> **WHAT YOU HAVE TO DO**
Without including any pictures, please copy every entry below exactly.

> **DATASET**
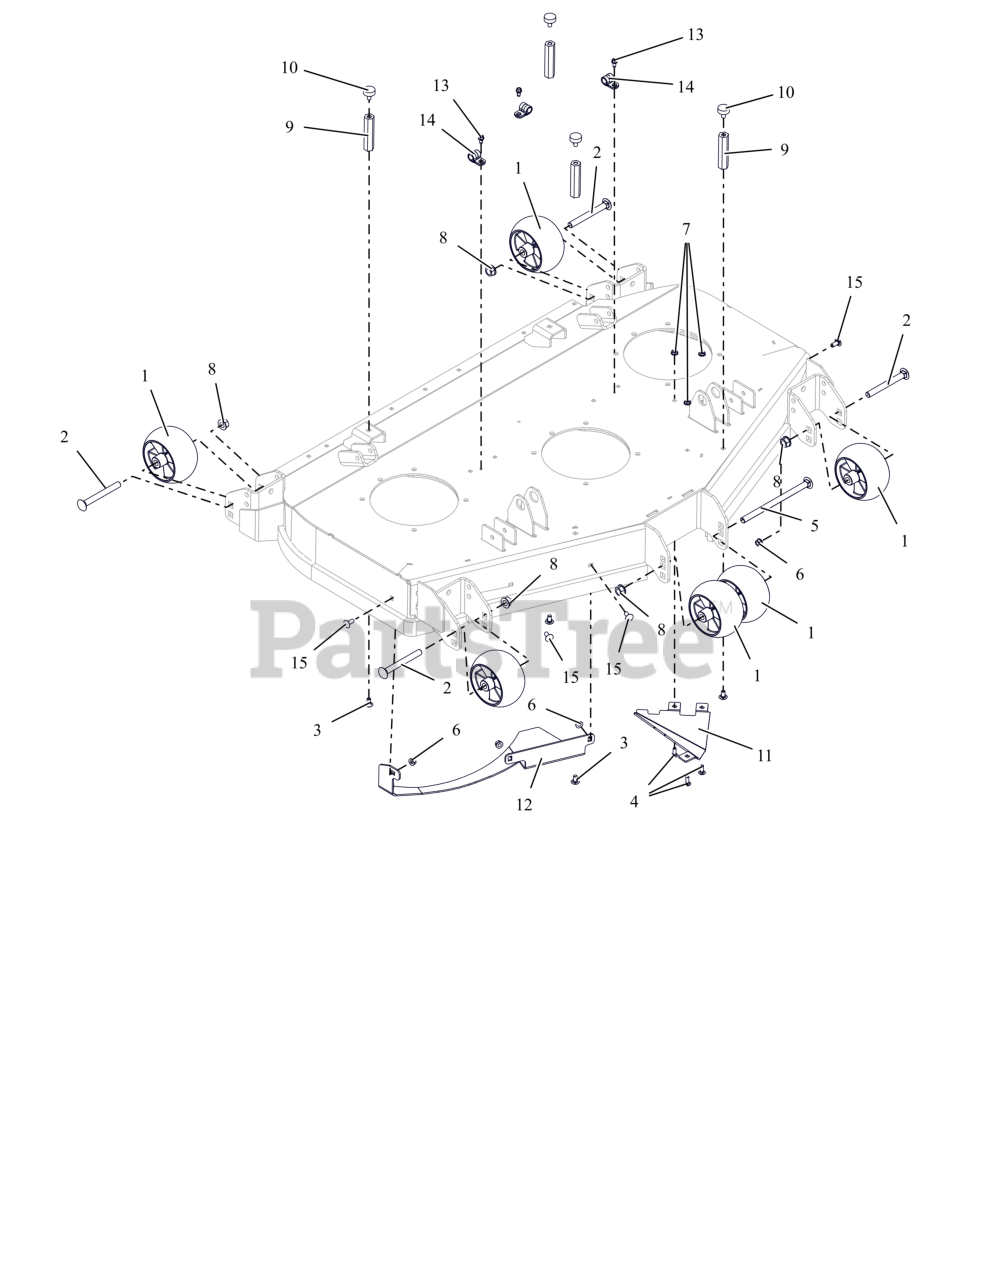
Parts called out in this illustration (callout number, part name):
1	WHEEL, ANTI SCALP - 5X3 CTR W/RIBS
2	BLT-RHNS .50-13X4.50 G5 ZCC NS
3	BLT,RHSSN.31-18X.625 G5 ZCCP30
4	BLT, RHSN .25-20X.750 G5 ZCC
5	BLT-RHSN .50-13X8.00 G5 ZCC NS
6	NUT,LK-CTR-FLG .31-18 GF ZCC
7	NUT-LK-CTR-FLG .25-20 ZC120
8	NUT-LK-CTR-FLG .500-13 GG ZCC
9	NUT, COUPLING .312-18 X 3.375
10	BUMPER, RUBBER
11	BAFFLE, 48" TRIANGLULAR INSERT (ORANGE)
12	DEFLECTOR, BAFFLE BOLT-IN (ORANGE)
13	SCR-TAP .25-20X.50 HWH ZCC
14	CLAMP, CUSHIONED STEEL
15	BLT, RHSSN.31-18X.750 G5 ZCC

> **RESULT OF THIS TASK**
Parts called out in this illustration (callout number, part name):
1	WHEEL, ANTI SCALP - 5X3 CTR W/RIBS
2	BLT-RHNS .50-13X4.50 G5 ZCC NS
3	BLT,RHSSN.31-18X.625 G5 ZCCP30
4	BLT, RHSN .25-20X.750 G5 ZCC
5	BLT-RHSN .50-13X8.00 G5 ZCC NS
6	NUT,LK-CTR-FLG .31-18 GF ZCC
7	NUT-LK-CTR-FLG .25-20 ZC120
8	NUT-LK-CTR-FLG .500-13 GG ZCC
9	NUT, COUPLING .312-18 X 3.375
10	BUMPER, RUBBER
11	BAFFLE, 48" TRIANGLULAR INSERT (ORANGE)
12	DEFLECTOR, BAFFLE BOLT-IN (ORANGE)
13	SCR-TAP .25-20X.50 HWH ZCC
14	CLAMP, CUSHIONED STEEL
15	BLT, RHSSN.31-18X.750 G5 ZCC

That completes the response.